Our study has some limitations. First, our data were derived from only one memory clinic in Germany. Furthermore, there were some missing values for each assessed clinical consultation. For two processes (test evaluation and preparation of the physician letter), 40–57% of the duration data were missing. To handle these missing values, we used univariate imputation by linear regression.
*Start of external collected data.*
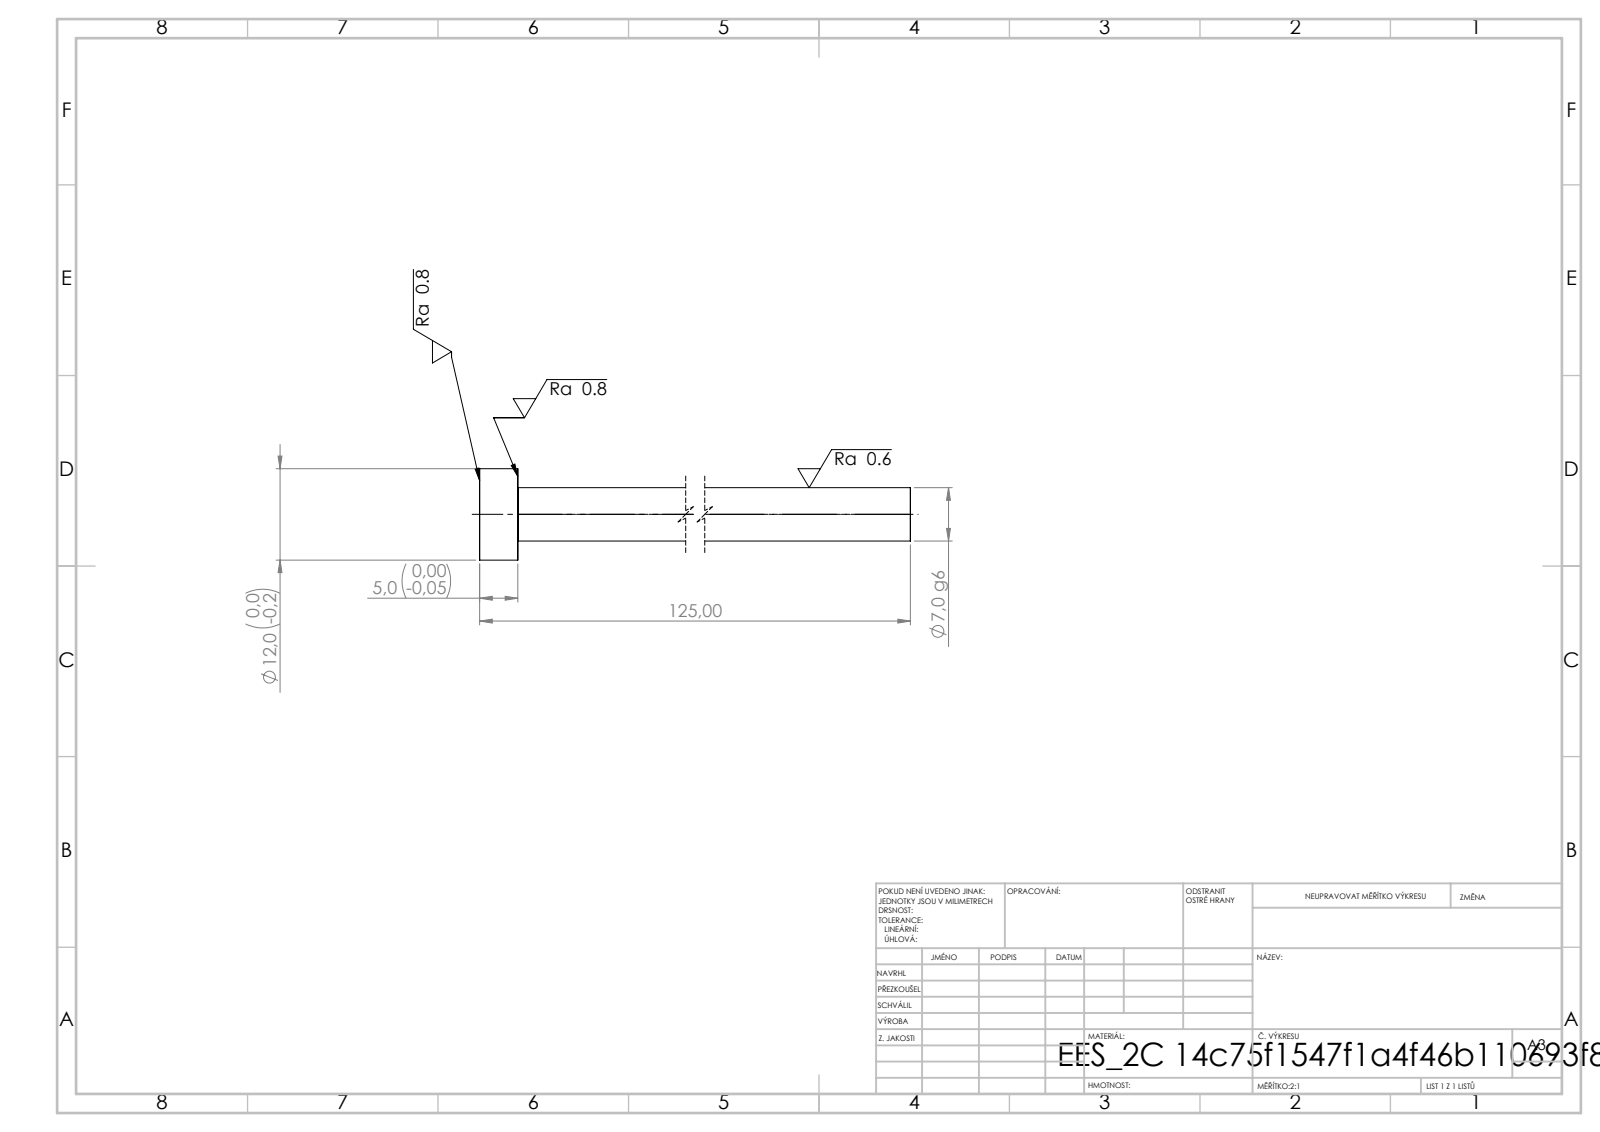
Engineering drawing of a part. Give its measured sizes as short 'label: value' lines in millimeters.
written by: SolidWorks 2019 (CONFIG_CONTROL_DESIGN)
unit: mm
bodies: 1 solid, 7 faces (3 planar, 4 cylindrical, 0 other)
size: 125 × 12 × 12
volume: 5 184 mm³; area: 3 054 mm²
bosses: 1× ⌀12, 1× ⌀7
face distances: 5, 125, 120
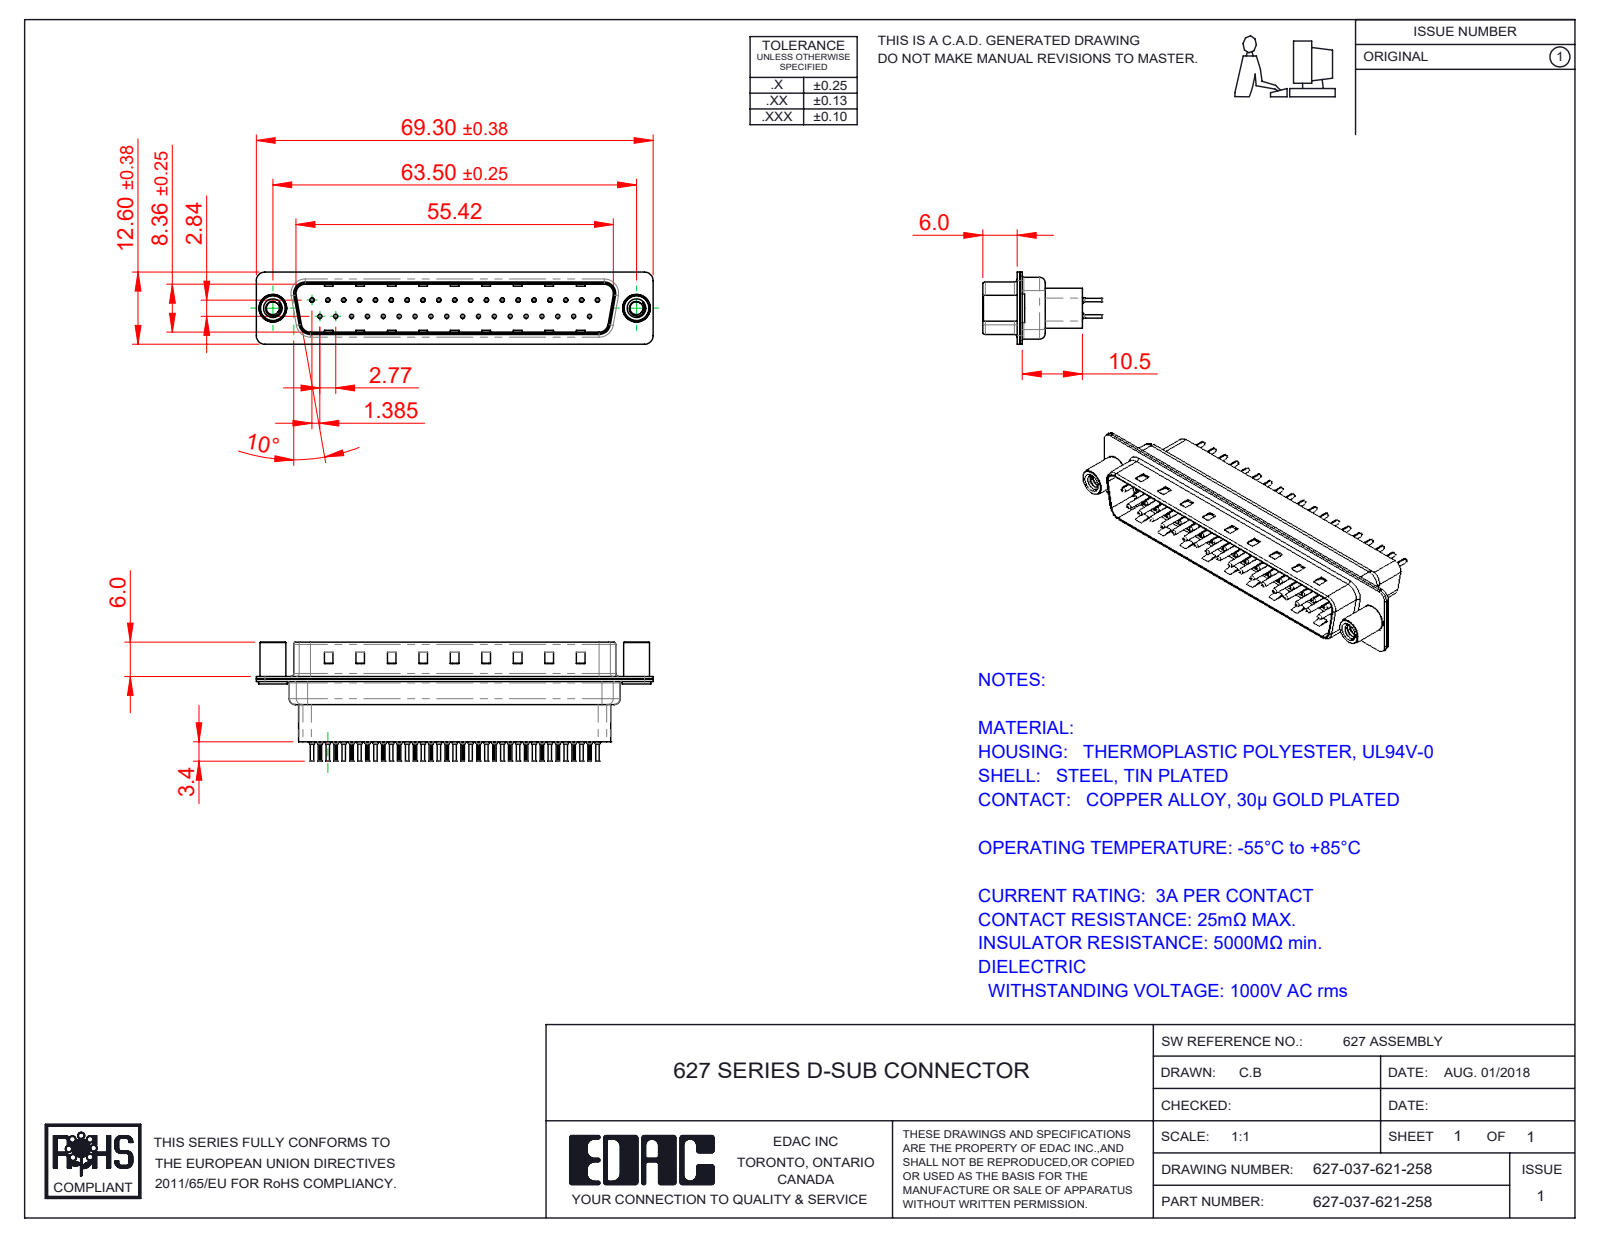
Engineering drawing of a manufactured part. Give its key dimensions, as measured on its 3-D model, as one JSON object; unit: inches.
{"part_name": "627 Contact Row 1_21H; 627 Contact Row 2_21H; 627-037-621-058; 627 4-40 Threaded Standoff (+3 more)", "step_written_by": "SolidWorks 2020 (CONFIG_CONTROL_DESIGN)", "units": "inches", "bodies": {"solids": 42, "faces": 4072, "planar": 1093, "cylindrical": 1538, "other": 1441}, "overall_size": [2.728, 0.819, 0.496], "volume_in3": 0.328, "surface_area_in2": 21.32, "round_holes": [[0.008, 37], [0.014, 37], [0.043, 37], [0.063, 37], [0.089, 2], [0.157, 2], [0.189, 2]], "round_bosses_or_shafts": [[0.079, 37], [0.059, 37], [0.03, 37], [0.024, 37], [0.197, 2], [0.193, 2], [0.177, 2]], "partial_cylinders_radius": [[0.004, 74], [0.059, 16], [0.079, 12], [0.02, 8], [0.063, 8], [0.01, 4], [0.024, 4], [0.026, 4]], "face_to_face_distances": [0.016, 0.032, 0.377, 0.027, 0.302, 0.018, 0.059, 0.043, 0.318, 0.345], "hole_center_spacings": [0.124, 0.109, 0.218, 0.327, 0.198, 0.398, 0.436, 0.503]}

This method has emerged as a principle method for dealing with missing data and is particularly useful for large imputation procedures. According to the estimated costs, the clinical consultations conducted by staff of the memory clinic represent only a small proportion of the total cost compared to the costs of the technical diagnostic procedures, such as imaging or blood and CSF testing. Therefore, any discrepancies in cost due to missing values for time-related clinical consultations should not be too large. In addition, test evaluation and preparing the physician letter are relatively uniform procedures so that the margin of possibly induced errors appears to be small. Second, the sample size was low, meaning that the demonstrated costs of diagnosing dementia are not representative for the entire population of patients with suspected dementia in Germany, especially for the demonstrated cost of diagnosing unspecific dementia (n = 5). However, the proportion of finally diagnosed patients with suspected dementia is comparable to that in other longitudinal studies. Therefore, it seems that the demonstrated costs of diagnosing dementia are representative for newly diagnosed patients with suspected dementia in specialized care.